For some time, running RuboCop in my app has been slow, and the problem has gotten worse over time. I (wrongly) attributed this to the growth of my app. Then yesterday, RuboCop stopped honoring exclusions in my config, showing hundreds of offenses that should have been ignored.
After some searching, I discovered the -d flag, and I found that RuboCop was trying and failing to process hundreds of files that it should not.
Unprocessable file /path/to/my/app//tmp/cache/bootsnap-compile-cache/33/0b5df563415472: ArgumentError, invalid byte sequence in UTF-8
The files in question were things like Bootsnap cache, Rails FileStore cache, and ActiveStorage. None of them are tracked in my git repo.
It could be argued that I should have excluded these files in my config in the first place. It could also be argued that RuboCop should ignore certain files by default, so as not to set a trap for unwary users like me. Hundreds of silent errors were making it difficult, and then impossible, to use RuboCop.

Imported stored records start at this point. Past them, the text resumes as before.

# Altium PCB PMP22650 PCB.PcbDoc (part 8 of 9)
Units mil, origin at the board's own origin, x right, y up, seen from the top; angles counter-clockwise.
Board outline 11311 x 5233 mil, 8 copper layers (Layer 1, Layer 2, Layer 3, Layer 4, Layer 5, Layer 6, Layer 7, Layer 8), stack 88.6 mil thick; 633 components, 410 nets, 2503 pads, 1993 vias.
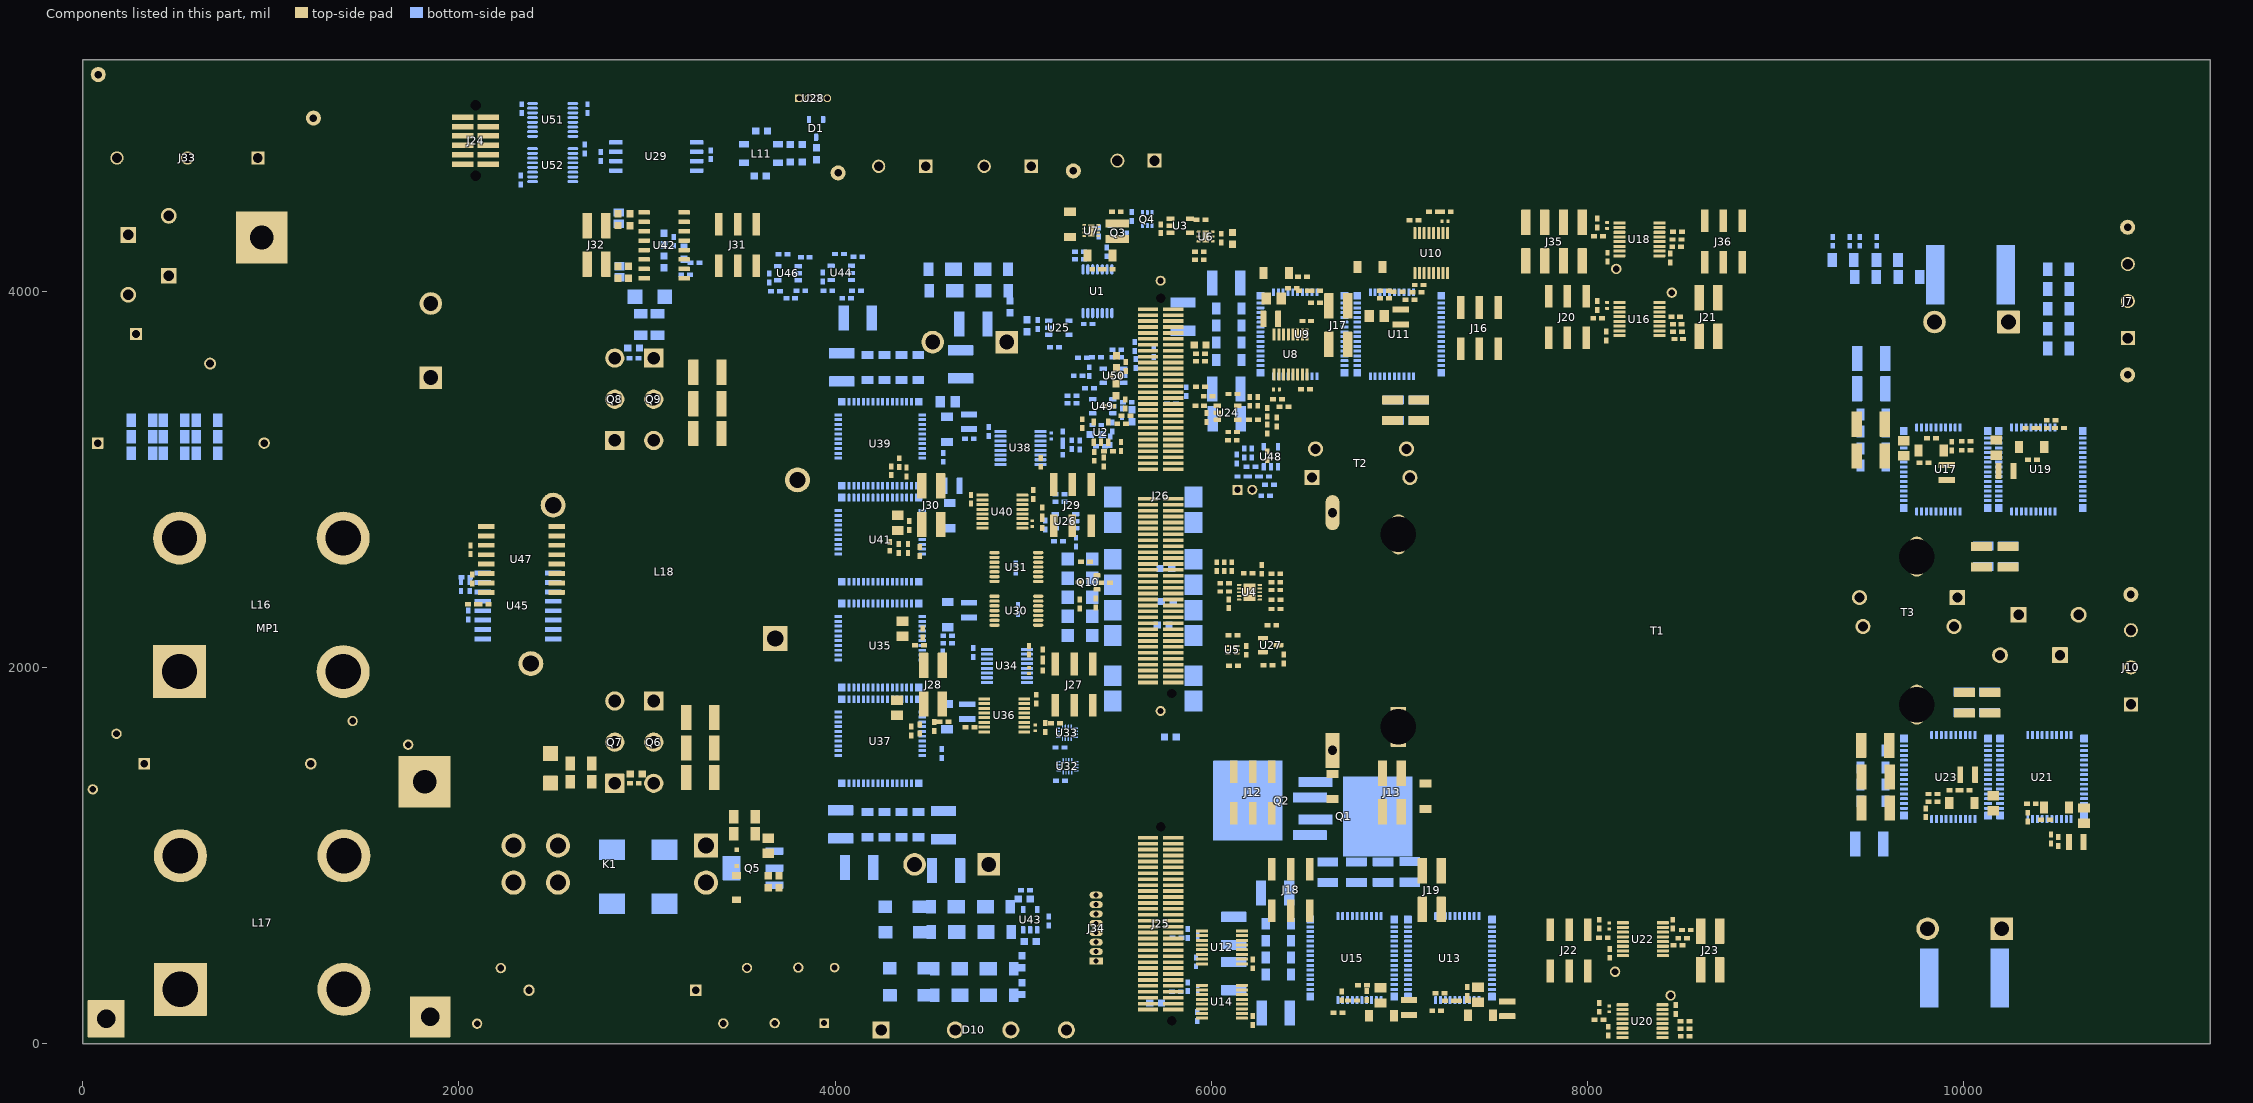
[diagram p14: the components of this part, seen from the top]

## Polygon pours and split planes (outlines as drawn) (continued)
NetL3_2 on Layer 8 "NONET_L-01_P-001" (solid, remove dead copper, pour order 249): 6232.27,4022 6282.27,4022 6282.27,3958.6 6232.27,3958.6
PGND on Layer 8 "NONET_L-01_P-001" (solid, remove dead copper, pour order 251): 5782,3997.6 5925,3997.6 5925,3912.6 5782,3912.6
NetL5_2 on Layer 8 "NONET_L-01_P-001" (solid, remove dead copper, pour order 255): 7469,203 7518.27,203 7518.27,274.6 7469,274.6
ISO_12V_L_B on Layer 8 "NONET_L-01_P-001" (solid, remove dead copper, pour order 16): 7375,135.4 7410.85,135.4 7410.85,185 7375,185
VNEG_L_B on Layer 8 "NONET_L-01_P-001" (solid, remove dead copper, pour order 17): 7446,324.6 7446,281.6 7513.27,281.6 7513.27,324.6 7468.27,324.6
NetL6_2 on Layer 8 "NONET_L-01_P-001" (solid, remove dead copper, pour order 256): 6938.27,274.6 6938.27,201 6993.27,201 6993.27,274.6
VNEG_H_B on Layer 8 "NONET_L-01_P-001" (solid, remove dead copper, pour order 257): 6927,324.6 6993.27,324.6 6993.27,281.6 6927,281.6
VNEG_H_PFC_1 on Layer 8 "NONET_L-01_P-001" (solid, remove dead copper, pour order 263): 4373.27,1852.6 4373.27,1792.6 4413.27,1792.6 4413.27,1852.6
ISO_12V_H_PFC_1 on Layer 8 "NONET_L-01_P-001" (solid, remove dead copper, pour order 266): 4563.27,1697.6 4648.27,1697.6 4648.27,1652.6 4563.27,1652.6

I'd like RuboCop to ignore certain files by default, or via an opt-in. Rather than try to cherry-pick exclusions to fit popular frameworks, I propose that RuboCop add an option for ignoring files ignored by version control.
Maybe something like:
AllCops:
- ExcludeGitIgnoredFiles: true
Instead, RuboCop could just fail noisily on these types of errors. This only became a problem because I was unaware of it for so long.
I added the following to my config to resolve this problem and restore execution speed:
AllCops:
Exclude:
- tmp/**/*
- storage/**/*
- '{}/**/*'
The /tmp directory is obvious.
/storage is specific to ActiveStorage in local development.
The third directory is the cache directory when setting the Rails cache to FileStore in development mode.
It's hard to imagine a valid usecase where it makes sense to check files in tmp/, or in .git (#7819). They should probably be always excluded unless specified explicitly.
I like the idea of relying on .gitignore if present.
In general I've always restrained from adding form of VC integration as that's a slippery slope - does Git get preferential handling and we ignore other VCSs, how far do we want to go with some form of git integration (e.g. do we go as far as shelling out to git for some things like obtaining the list of files in the project), how to handle projects with submodules, etc. If we just do the simplest - parse .gitignore in the folder RuboCop was started in that'd be fine by me, though.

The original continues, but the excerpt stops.